Segment Start: Available data

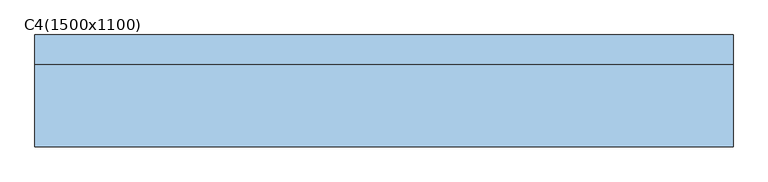
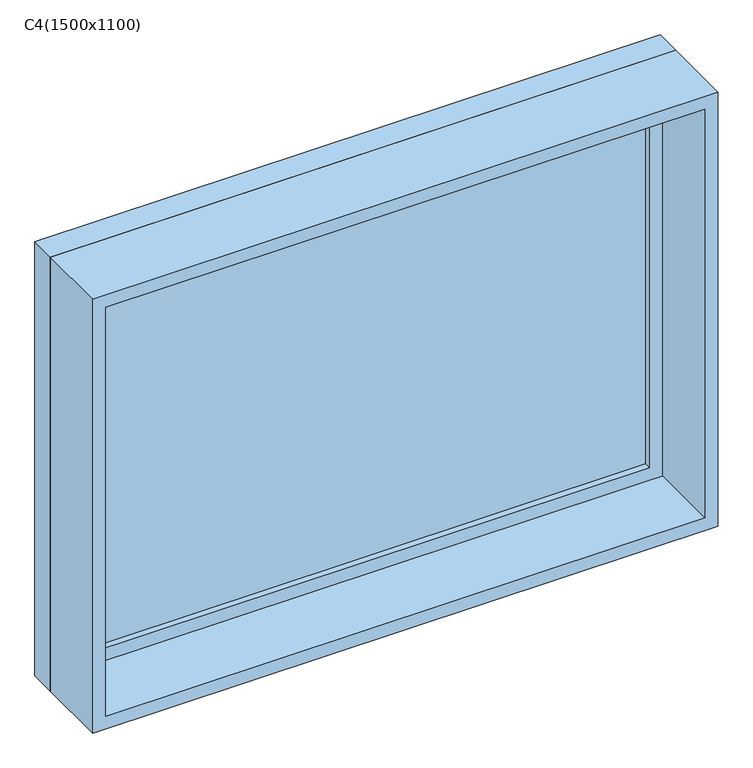
"""IFC4 building model written with IfcOpenShell, lengths in millimetres: window geometry, 固定窗 : C4(1500x1100)."""

import ifcopenshell
import ifcopenshell.guid

model = None  # the IFC model being written
_history = None  # IfcOwnerHistory: only IFC2X3 demands one
_inside = {}  # id of a spatial element -> (the spatial element, [elements in it])
_under = {}  # id of a project, library or spatial element -> (it, [spatial elements below it])
_declared = {}  # id of a project -> (the project, [libraries it declares])
_typed = {}  # id of a type object -> (the type object, [elements of that type])
_made_of = {}  # id of a material, layer set ... -> (it, [elements and type objects made of it])


def new_model(schema):
    """Start an empty IFC model of exactly this schema.

    Asked for "IFC4X3", IfcOpenShell would pick the latest addendum, in which some entities
    have other attributes; the version numbers below select the first issue.
    IFC2X3 requires an IfcOwnerHistory on every rooted entity: one is made here for all.
    """
    global model, _history
    if schema == "IFC4X3":
        model = ifcopenshell.file(schema_version=(4, 3, 0, 0))
    else:
        model = ifcopenshell.file(schema=schema)
    _inside.clear()
    _under.clear()
    _declared.clear()
    _typed.clear()
    _made_of.clear()
    _history = None
    if model.schema == "IFC2X3":
        org = make("IfcOrganization", Name="unknown")
        user = make(
            "IfcPersonAndOrganization",
            ThePerson=make("IfcPerson", FamilyName="unknown"),
            TheOrganization=org,
        )
        app = make(
            "IfcApplication",
            ApplicationDeveloper=org,
            Version="unknown",
            ApplicationFullName="unknown",
            ApplicationIdentifier="unknown",
        )
        _history = make(
            "IfcOwnerHistory",
            OwningUser=user,
            OwningApplication=app,
            ChangeAction="ADDED",
            CreationDate=0,
        )
    return model


def make(cls, **values):
    """One entity of the class cls with the attributes given. An attribute that is None is left unset."""
    return model.create_entity(
        cls, **{name: value for name, value in values.items() if value is not None}
    )


def rooted(cls, **values):
    """An entity with a GlobalId (a new one), such as an element, a storey or a relation."""
    return make(cls, GlobalId=ifcopenshell.guid.new(), OwnerHistory=_history, **values)


def si_unit(unit_type, name, prefix=None):
    """IfcSIUnit, for example si_unit("LENGTHUNIT", "METRE", prefix="MILLI")."""
    return make("IfcSIUnit", UnitType=unit_type, Prefix=prefix, Name=name)


def assignment(units):
    """IfcUnitAssignment: the units of a project."""
    return None if units is None else make("IfcUnitAssignment", Units=units)


def point(xyz):
    """IfcCartesianPoint."""
    return None if xyz is None else make("IfcCartesianPoint", Coordinates=xyz)


def direction(xyz):
    """IfcDirection."""
    return None if xyz is None else make("IfcDirection", DirectionRatios=xyz)


def frame(location, z_axis=None, x_axis=None):
    """IfcAxis2Placement3D, a coordinate frame: its origin and axes. An axis left out is left unset."""
    return make(
        "IfcAxis2Placement3D",
        Location=point(location),
        Axis=direction(z_axis),
        RefDirection=direction(x_axis),
    )


def origin():
    """The frame at (0, 0, 0) with its axes left unset."""
    return frame((0.0, 0.0, 0.0))


def place(relative_to, where):
    """IfcLocalPlacement: puts the frame where relative to a parent placement (None: the world)."""
    return make(
        "IfcLocalPlacement", PlacementRelTo=relative_to, RelativePlacement=where
    )


def context(
    kind, dimensions, precision=None, world=None, true_north=None, identifier=None
):
    """IfcGeometricRepresentationContext, for example the 3D "Model" context."""
    return make(
        "IfcGeometricRepresentationContext",
        ContextIdentifier=identifier,
        ContextType=kind,
        CoordinateSpaceDimension=dimensions,
        Precision=precision,
        WorldCoordinateSystem=world,
        TrueNorth=true_north,
    )


def project(units=None, contexts=None):
    """IfcProject with its units and contexts."""
    return rooted(
        "IfcProject",
        Name="project",
        RepresentationContexts=contexts,
        UnitsInContext=assignment(units),
    )


def spatial(cls, under=None, at=None, **own):
    """A site, building, storey or space (cls), placed at a placement, below another one or the project."""
    s = rooted(cls, ObjectPlacement=at, **own)
    if under is not None:
        _under.setdefault(under.id(), (under, []))[1].append(s)
    return s


def polyline(points):
    """IfcPolyline through the points."""
    return make("IfcPolyline", Points=[point(p) for p in points])


def outline(outer, holes=None, kind="AREA"):
    """IfcArbitraryClosedProfileDef: a profile drawn as a closed curve; with holes, ...WithVoids."""
    if holes is None:
        return make("IfcArbitraryClosedProfileDef", ProfileType=kind, OuterCurve=outer)
    return make(
        "IfcArbitraryProfileDefWithVoids",
        ProfileType=kind,
        OuterCurve=outer,
        InnerCurves=holes,
    )


def extrude(swept, where, along, depth):
    """IfcExtrudedAreaSolid: the profile swept, set in the frame where, extruded along a direction by depth."""
    return make(
        "IfcExtrudedAreaSolid",
        SweptArea=swept,
        Position=where,
        ExtrudedDirection=direction(along),
        Depth=depth,
    )


def shape(context_of_items, identifier, shape_type, items):
    """IfcShapeRepresentation: the items that make up one representation, for example the "Body"."""
    return make(
        "IfcShapeRepresentation",
        ContextOfItems=context_of_items,
        RepresentationIdentifier=identifier,
        RepresentationType=shape_type,
        Items=items,
    )


def source(mapping_origin, context_of_items, identifier, shape_type, items):
    """IfcRepresentationMap: a shape defined once, which mapped items show again and again."""
    return make(
        "IfcRepresentationMap",
        MappingOrigin=mapping_origin,
        MappedRepresentation=shape(context_of_items, identifier, shape_type, items),
    )


def transform(
    local_origin,
    x_axis=None,
    y_axis=None,
    z_axis=None,
    scale=None,
    scale2=None,
    scale3=None,
    uniform=True,
):
    """IfcCartesianTransformationOperator3D, or its non-uniform kind. x_axis, y_axis, z_axis: its Axis1, 2, 3."""
    if uniform:
        return make(
            "IfcCartesianTransformationOperator3D",
            Axis1=direction(x_axis),
            Axis2=direction(y_axis),
            LocalOrigin=point(local_origin),
            Scale=scale,
            Axis3=direction(z_axis),
        )
    return make(
        "IfcCartesianTransformationOperator3DnonUniform",
        Axis1=direction(x_axis),
        Axis2=direction(y_axis),
        LocalOrigin=point(local_origin),
        Scale=scale,
        Axis3=direction(z_axis),
        Scale2=scale2,
        Scale3=scale3,
    )


def mapped(mapping_source, mapping_target):
    """IfcMappedItem: shows the shape of a source again, moved by a transform."""
    return make(
        "IfcMappedItem", MappingSource=mapping_source, MappingTarget=mapping_target
    )


def made_of(thing, what):
    """Note that an element or type object is made of a material, layer set ...; save() writes the relation."""
    if what is not None:
        _made_of.setdefault(what.id(), (what, []))[1].append(thing)
    return thing


def element(
    cls,
    number,
    at=None,
    inside=None,
    cuts=None,
    type_object=None,
    material=None,
    context=None,
    identifier="Body",
    shape_type=None,
    held_by="IfcProductDefinitionShape",
    body=None,
    shapes=None,
    **own,
):
    """One element of the class cls, such as IfcWall. Its Tag is "e" and its number.

    at: its placement. inside: the storey or other place that contains it. cuts: it is an
    opening in that element (IfcRelVoidsElement). A single representation is given by context,
    identifier, shape_type and body (its items); several are given by shapes. held_by: the class
    of the entity that holds the representations. save() writes the other relations.
    """
    e = rooted(cls, Tag="e%d" % number, ObjectPlacement=at, **own)
    if body is not None:
        shapes = [shape(context, identifier, shape_type, body)]
    if shapes is not None:
        e.Representation = make(held_by, Representations=shapes)
    if inside is not None:
        _inside.setdefault(inside.id(), (inside, []))[1].append(e)
    if cuts is not None:
        rooted(
            "IfcRelVoidsElement", RelatingBuildingElement=cuts, RelatedOpeningElement=e
        )
    if type_object is not None:
        _typed.setdefault(type_object.id(), (type_object, []))[1].append(e)
    return made_of(e, material)


def aggregate(whole, parts):
    """IfcRelAggregates: a whole, such as a stair, and the parts it consists of."""
    return rooted("IfcRelAggregates", RelatingObject=whole, RelatedObjects=parts)


def save(model, path):
    """Write the relations noted so far, then the file.

    IfcRelAggregates (storeys below a building ...), IfcRelContainedInSpatialStructure (elements
    in a storey), IfcRelDefinesByType, IfcRelAssociatesMaterial and IfcRelDeclares: one each for
    every whole, place, type object, material and project.
    """
    for whole, parts in _under.values():
        aggregate(whole, parts)
    for where, things in _inside.values():
        rooted(
            "IfcRelContainedInSpatialStructure",
            RelatedElements=things,
            RelatingStructure=where,
        )
    for kind, things in _typed.values():
        rooted("IfcRelDefinesByType", RelatedObjects=things, RelatingType=kind)
    for what, things in _made_of.values():
        rooted("IfcRelAssociatesMaterial", RelatedObjects=things, RelatingMaterial=what)
    for by, libraries in _declared.values():
        rooted("IfcRelDeclares", RelatingContext=by, RelatedDefinitions=libraries)
    model.write(path)


def c4_1500x1100_84ff0e9f(model_context):
    return source(origin(), model_context, "Body", "SweptSolid", [
        extrude(outline(polyline([(648.4, 71.425), (-724.6, 71.425), (-724.6, 84.125), (648.4, 84.125), (648.4, 71.425)])), frame((0.0, 0.0, 963.5), z_axis=(0.0, 0.0, 1.0), x_axis=(1.0, 0.0, 0.0)), (0.0, 0.0, 1.0), 973.0),
        extrude(outline(polyline([(1980.95, -769.05), (919.05, -769.05), (919.05, 692.85), (1980.95, 692.85), (1980.95, -769.05)]), holes=[polyline([(1936.5, -724.6), (1936.5, 648.4), (963.5, 648.4), (963.5, -724.6), (1936.5, -724.6)])]), frame((0.0, 55.55, 0.0), z_axis=(0.0, 1.0, 0.0), x_axis=(0.0, 0.0, 1.0)), (0.0, 0.0, 1.0), 44.45),
        extrude(outline(polyline([(2000.0, -788.1), (900.0, -788.1), (900.0, 711.9), (2000.0, 711.9), (2000.0, -788.1)]), holes=[polyline([(1968.25, -756.35), (1968.25, 680.15), (931.75, 680.15), (931.75, -756.35), (1968.25, -756.35)])]), frame((0.0, -120.0, 0.0), z_axis=(0.0, 1.0, 0.0), x_axis=(0.0, 0.0, 1.0)), (0.0, 0.0, 1.0), 175.55),
        extrude(outline(polyline([(2000.0, 711.9), (2000.0, -788.1), (900.0, -788.1), (900.0, 711.9), (2000.0, 711.9)]), holes=[polyline([(1980.95, 692.85), (919.05, 692.85), (919.05, -769.05), (1980.95, -769.05), (1980.95, 692.85)])]), frame((0.0, 55.55, 0.0), z_axis=(0.0, 1.0, 0.0), x_axis=(0.0, 0.0, 1.0)), (0.0, 0.0, 1.0), 64.45),
    ])


if __name__ == "__main__":
    model = new_model("IFC4")
    model_context = context("Model", 3, world=origin())
    ifc_project = project(units=[si_unit("LENGTHUNIT", "METRE", prefix="MILLI")], contexts=[model_context])
    site = spatial("IfcSite", under=ifc_project)
    building = spatial("IfcBuilding", under=site)
    placement = place(None, origin())
    c4_1500x1100_shape = c4_1500x1100_84ff0e9f(model_context)
    element("IfcWindow", 1, ObjectType="固定窗 : C4(1500x1100)", at=placement, inside=building, context=model_context, shape_type="MappedRepresentation", body=[
        mapped(c4_1500x1100_shape, transform((0.0, 0.0, 0.0), x_axis=(1.0, 0.0, 0.0), y_axis=(0.0, 1.0, 0.0), z_axis=(0.0, 0.0, 1.0))),
    ])
    save(model, "model.ifc")

# Revit data of these elements
# Type "固定窗 : C4(1500x1100)"
#   Type Mark = "C1519"
#   Construction Type Id = "SGL"
#   Analytic Construction = "大型单层玻璃窗"
#   Visual Light Transmittance = 0.9
#   Solar Heat Gain Coefficient = 0.86
#   Rough Width = 1500 mm
#   Rough Height = 1100 mm
#   Heat Transfer Coefficient (U) = 5.5617 W/(m²·K)
#   Height = 1100 mm
#   默认窗台高度 = 900 mm
#   Width = 1500 mm
#   窗嵌入 = 20 mm
#   高窗平面 [instance default] = no
#   通用窗平面 [instance default] = yes
#   玻璃 = none
#   框架材质 = none
#   Wall Closure = (empty or 0)
# Element 1 (IfcWindow, "固定窗 : C4(1500x1100)")
#   Materials on its faces: "玻璃"
# Materials
#   "玻璃": class "玻璃", colour RGB 0 128 192, transparency 0.9, Description = "钠钙玻璃", Cost = 0

Segment End: Available data

What to work on
Take the lines from the start of the listing above through the line with "elements below it])", both ends included, and copy them exactly, leaving the pictures behind.

Exercise solution
"""IFC4 building model written with IfcOpenShell, lengths in millimetres: window geometry, 固定窗 : C4(1500x1100)."""

import ifcopenshell
import ifcopenshell.guid

model = None  # the IFC model being written
_history = None  # IfcOwnerHistory: only IFC2X3 demands one
_inside = {}  # id of a spatial element -> (the spatial element, [elements in it])
_under = {}  # id of a project, library or spatial element -> (it, [spatial elements below it])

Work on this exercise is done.